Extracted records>
Content starts

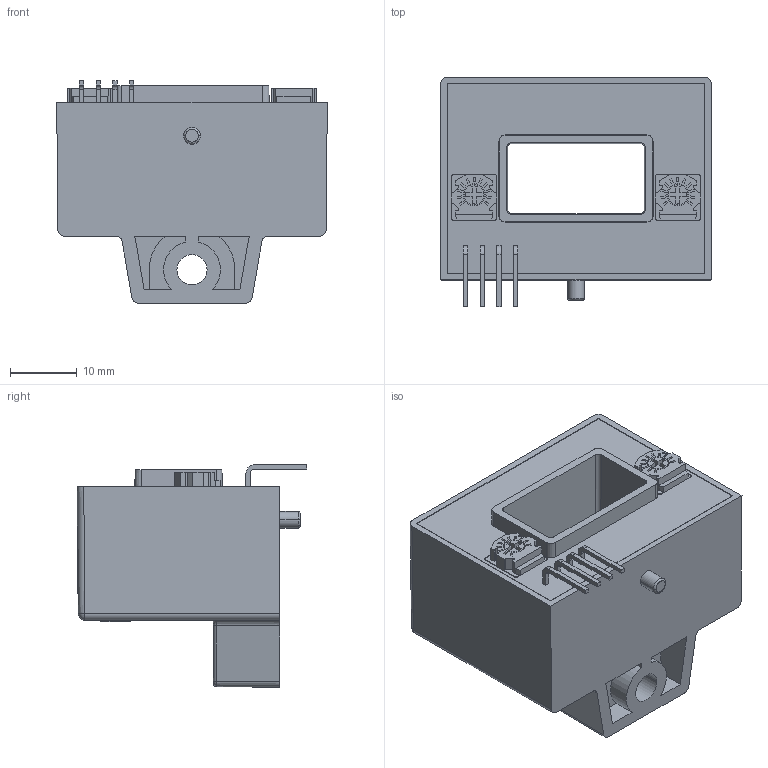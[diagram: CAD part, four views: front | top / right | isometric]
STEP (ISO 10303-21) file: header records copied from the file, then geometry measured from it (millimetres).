
FILE_DESCRIPTION(('Creo Elements/Direct Modeling STEP Export'),'2;1');
FILE_NAME('HAS 50-P black box.stp','2013-12-16T11:25:45',(''),(''),'Creo Elements/Direct Modeling STEP processor for AP214 (Solid Model)','Creo Elements/Direct Modeling 17.0C 05-Feb-2011 (C) Parametric Technology GmbH','');
FILE_SCHEMA(('AUTOMOTIVE_DESIGN { 1 0 10303 214 1 1 1 1 }'));
Length unit declared in the file: millimetre
Products named in the file (2): HAS-P_Blackbox
Assembly tree (1 placements, depth 2):
  HAS-P_Blackbox
    HAS-P_Blackbox
Bounding box: 40.4 x 34.33 x 33.22 mm (x, y, z)
Volume: 21225.7 mm3; surface area: 7831.3 mm2
Topology: 1 solids, 1 shells, 512 faces, 1327 edges, 878 vertices
Faces by surface type: plane 412, cylinder 70, cone 12, torus 8, extrusion 5, sphere 4, bspline 1
Entity records: 16020 total; most frequent: CARTESIAN_POINT 3160, ORIENTED_EDGE 2650, DIRECTION 2416, EDGE_CURVE 1325, VECTOR 1122, LINE 1117, VERTEX_POINT 878, AXIS2_PLACEMENT_3D 647

Content ends

Goal of the exercise> When a line in the data above contains the string "surface", copy that line.

Answer section>
Volume: 21225.7 mm3; surface area: 7831.3 mm2
Faces by surface type: plane 412, cylinder 70, cone 12, torus 8, extrusion 5, sphere 4, bspline 1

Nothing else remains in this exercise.